Temporal Lobe Epilepsy vs Nonepileptic Behavioral Events
For the last two going on three years, I've been dealing with some extreme health issues. When my first "event" happened, it came and went for three straight days. I couldn't get the ER doc to take it seriously--and even though I was having issues staying conscious, was nauseous, and having obvious memory issues, she decided I should go see an OBGyn.
I ignored her ridiculous advice and saw my general practitioner, who told me that I'd had a seizure and probably wouldn't have any more. Unfortunately, I was foggy, dizzy, and exhausted, and found it hard to concentrate on anything. It took about six weeks to start to feel normal again, when, you guessed it, I had another seizure. When I called to try to get advice from my doctor--he ignored me for 3 months. On the same day, I called my chiropractor (who is training to get neurology under his belt). He made me come in the next day and immediately sent me to another more qualified neurologist chiropractor.

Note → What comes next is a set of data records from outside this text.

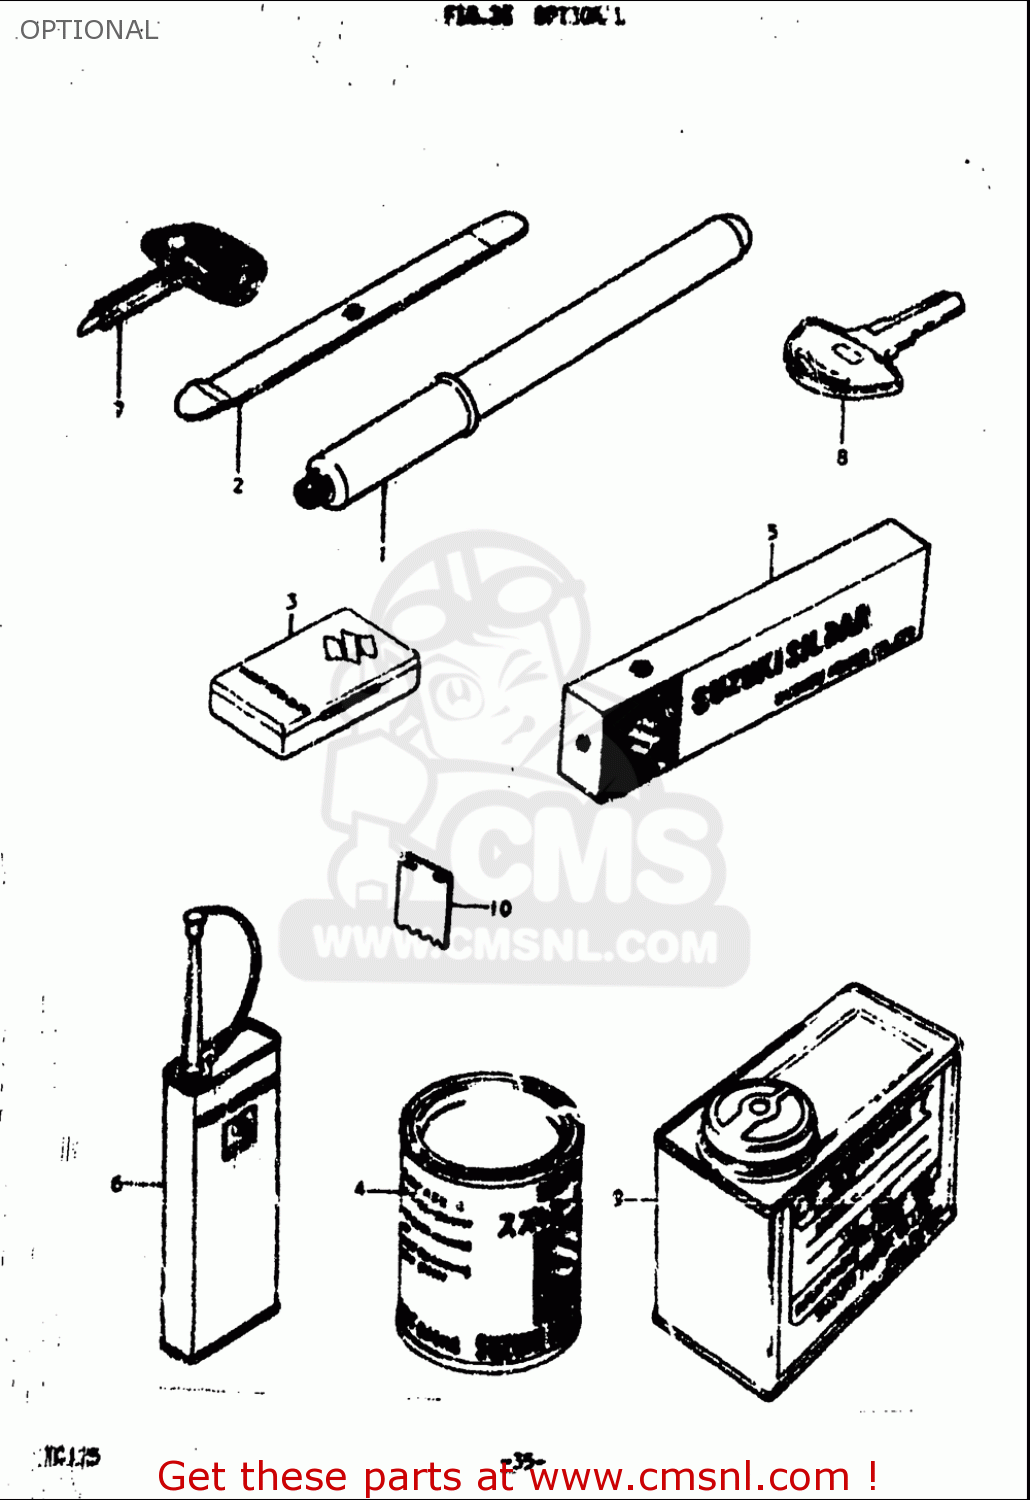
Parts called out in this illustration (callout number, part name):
2	LEVER,TIRE
4	GREASE(C)EP2 LITHIUM 150G
6	THREAD LOCK NO.1401 CLEAR 200G
8	KEY,BLANK
10	GASKET SET (MCA)

They started treating me. I was starting to get better, but on occasion still having debilitating seizures that would knock me out for days. That's when they sent me to a neurologist. I was given a sleep EEG and told that without a doubt that I had temporal lobe epilepsy. Almost a year after the first seizure,I started on the meds--the first five threw me for odd loops. One gave me the giggles and I couldn't sleep. Another made me so depressed that I struggled with getting out of bed, and I started having odd shaking spells. Another gave me a rash all over my body. Finally I got on Carbatrol and started to feel more normal. I was still having the shaking spells but they only happened right before bedtime and I wasn't too concerned about them. I mentioned them to the neurologist, but he pretty well ignored them. Unfortunately, while the carbatrol seemed to limit how much time it took to "get back to normal" with the spells, it didn't eliminate the seizures entirely.
I went in for a 24 hour eeg, then. I didn't have any seizures (mind you, at that point I was going about a month between them), but now they found that when I slept, that both of my temporal lobes were affected. The neurologist said that he didn't know what to do and sent me to the Mayo clinic to map my brain during seizures so I could get brain surgery.
They set me up for another long EEG at a hospital, but before that, I'd gone in for baseline readings at the clinic. That's where I had a shaking spell, and on top of it, was unresponsive after--so they assumed they'd caught both spells. I tried to explain several times that it didn't "feel right" and that I was sure that they hadn't seen what they were looking for. On top of it, I wasn't feeling bad. For once, all of the things that I normally avoid (video games, loud noises, etc.) didn't throw me into a spell. I didn't sleep more than 15 minute spurts in a less than 3 hour period. And oh, how I tried to get myself sick.
They came to me the next morning and informed me that I was having nonepileptic behavioral events, and they were positive I didn't have any brain issues. They offered to let me stay longer, but by their demeanor, I could tell they were assured of their diagnosis, despite the fact that they hadn't actually seen what they were meant to.
They told me that they were positive I needed to have cognitive behavioral therapy and to see a psychiatrist, and that I probably had PTSD and 30-50% of women with this issue had been abused as a child. Another 50% of people have depression with it. They recommended that I get off my 300 mg, twice a day of carbatrol cold turkey.
I don't want to have seizures of any kind and would be grateful to know that I have something easily "treatable," but I feel they didn't do their job. I do not have depression now, despite my poor health. Also, I feel that their recommendation of stopping the Carbatrol the way they said too is risky.
I have an appointment in a few weeks to talk to my neurologist about their results.
Can anyone give me advice about how to deal with all of this?